For whatever it is worth, I read years ago that about 30 horseshoes are picked up from the course at Badminton every year. Shoes are also collected from the course at Rolex KY and etc. Horses lose shoes, especially in an environment like Badminton, and a LOT of horses are out on the course on XC day. That also happens in the Kentucky Derby, and it affects outcomes there as well. Until there is a horseshoe that can’t be lost, it’s one of the jeopardies to the final score.
Back to the horses … I have to agree with those who find the America fandom commentary on the American riders to be unproductively boresighted on the placing and performance in the one current competition. Even as we remain wrapped around the axle of also-ran teams at WEG and the Olympics.
The real team-building benefit of Badminton and other 4*'s for the U.S. pairs is if horse and rider come away from the course a more confident and able 4* pair. Part of confidence-building is a horse feeling it was not over-faced or over-exhausted. We all know that those two problems have the potential create long-standing issues, thus degrading the potential for a future team.
There is a lot of ground for the U.S. to make up in fielding a podium-contender WEG team in only a year. Over the past many years this is where we chronically seem to be positioned, re team-building. Even though I personally think we have a greater number of very promising pairs at the top of the U.S. sport than we have had in many years, and yet the best of them are still not what we need to fight for a spot on the podium if WEG were running this summer.
And this is where this concept of ‘respect’ for opinions and input may be breaking down the inability of the U.S. to develop a better team, from one WEG/Olympics to the next. Like others who comment, I can’t begin to tell anyone how to ride the London bank at Badminton. But many of the opinionaters have something important to add in terms of things other than riding that are crucial for team development , re universal basics of building up individuals that can make up a future successful team. And, building a cooperative and competent team structure, both among the athletes and the organization.

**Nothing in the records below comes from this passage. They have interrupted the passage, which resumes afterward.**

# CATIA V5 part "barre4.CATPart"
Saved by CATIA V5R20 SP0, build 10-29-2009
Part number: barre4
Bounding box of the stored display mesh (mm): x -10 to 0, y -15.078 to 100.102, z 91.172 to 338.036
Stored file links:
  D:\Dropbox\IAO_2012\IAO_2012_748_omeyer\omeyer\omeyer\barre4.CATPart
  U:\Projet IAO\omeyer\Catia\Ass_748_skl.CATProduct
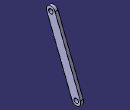
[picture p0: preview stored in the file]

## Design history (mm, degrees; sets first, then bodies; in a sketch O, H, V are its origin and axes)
Set1
  Plane1 "PlanRef": linked copy from another document
  DatumPoint1 "PointE": linked copy from another document
  DatumPoint2 "PointF": linked copy from another document
Body1 (main body)
  Sketch1 on Plane1, origin (0, 0, 0), H (0, 1, 0), V (0, 0, 1)
    construction line L1 (-0.0869, 323.0365) -> (85.1115, 106.172)
    point P1 (-0.0869, 323.0365)
    point P2 (85.1115, 106.172)
    line L2 (13.8744, 328.5214) -> (99.0727, 111.6568)
    line L3 (71.1503, 100.6871) -> (-14.0481, 317.5517)
    arc A1 centre (85.1115, 106.172) radius 15 from (99.0727, 111.6568) to (71.1503, 100.6871) cw
    arc A2 centre (-0.0869, 323.0365) radius 15 from (-14.0481, 317.5517) to (13.8744, 328.5214) cw
    reference projected point E1 (-0.0869, 323.0365) from DatumPoint1
    reference projected point E2 (85.1115, 106.172) from DatumPoint2
    circle A3 centre (85.1115, 106.172) radius 7.5
    point P7 (85.1115, 106.172)
    circle A4 centre (-0.0869, 323.0365) radius 7.5
    point P8 (-0.0869, 323.0365)
    reference projected point E3 (-0.0869, 323.0365) from DatumPoint1
    reference projected point E4 (85.1115, 106.172) from DatumPoint2
    distance L1 L2 = 15
    radius A4 = 7.5
    radius A3 = 7.5
    tangency: A1 L2, A2 L2, A1 L3, A2 L3
    coincidence: P1 E1, P2 E2, P8 E3, P7 E4
  Pad1: profile Sketch1, direction (-1, 0, 0), length 10

We’ve got top raw talent in horses and riders, raw talent is NOT the problem. The problem is our skills in team development, starting with developing the talent over the long term. So that we have a continuous pipeline of successful pairs for team selection, as do the other nations who are the usual faces on the podium at WEG and the Olympics.
And, the development has to be done with the type of resources that we have available in the U.S., not some ideal European model that we don’t have. Or, just accept our lack of access to better instruction and training at earlier stages of development, as well as multiple annual 4*'s for a much larger base of riders, and therefore adopt more modest priorities and goals suitable to less-adequate resources. Especially the necessary limitations of competing in Europe to give far more riders and horses more 4* experience.
Finding people to blame, boring down on individual riders, is no help. Finding a better team development model is what is needed. And I think there have been significant improvements in the last 8 to 10 years, it just hasn’t been spread widely enough. We do have more resources and more pairs that are better prepared. Just not nearly enough pairs that can go top-3 against Jung, Todd, Klimke, etc.
Did Veronica come away from Badminton a more confident and able 4* horse, capable of a more competitive future performance? If the answer is yes, then Lauren did her job. Did Lauren add to her own skillset that will make her an even better rider over 4*'s to come? Did the two of them cross the finish line with a new experience that will make them even more competitive in the future as a pair? The same question holds for each of the American pairs - how did the Badminton experience improve the horse and the rider, both individually and as a pair, as part of the pool of the best pairs for team selection? Re team-building, that is really all that matters at this point in time.
How different the team-building perspective is for some of the other countries. Country teams can only choose four, and certain have more than that who would also comprise a credible gold-medal contender team, thanks to the country’s organized team-development skills, as has been discussed at length on this board. They aren’t running on good fortune or fairy-tale careers, but on a system that works. Clearly the U.S. is not at that rank, in international team eventing, at this point in time. The real topic is not the micro-view of picking apart each performance, but the macro view of how much the Badminton experience improved the pairs for future team selection.
And I’ve mentioned this before … part of team-building in this day and age is coaching BNR’s who may be in the team selection pool in how to handle today’s news and social media. Someone has recognized this as both HSB and EW came out with quickly-released, but still carefully crafted statements, just after they got the heaviest early criticism. I doubt either of them handled that on their own. The public needs some images to believe in and follow and there are methods of creating and sustaining those images that are well-honed and available. These days it seems to be as important to being a team candidate as the riding, and that can’t be wished away.
I think DOC made a very good effort at more professional team management. I think he did add team-based coaching to the U.S. riders at Badminton. But throughout his career as coach, he needed far more cooperation than he got from both the team organization and the individual riders. He was not able to define his role as he needed to do. That’s how I read his story. I expect him to bring his professional approach to FEI safety and I wish him the best in that role - knowing that won’t be easy, either, with some of the same shortcomings in organizational cooperation.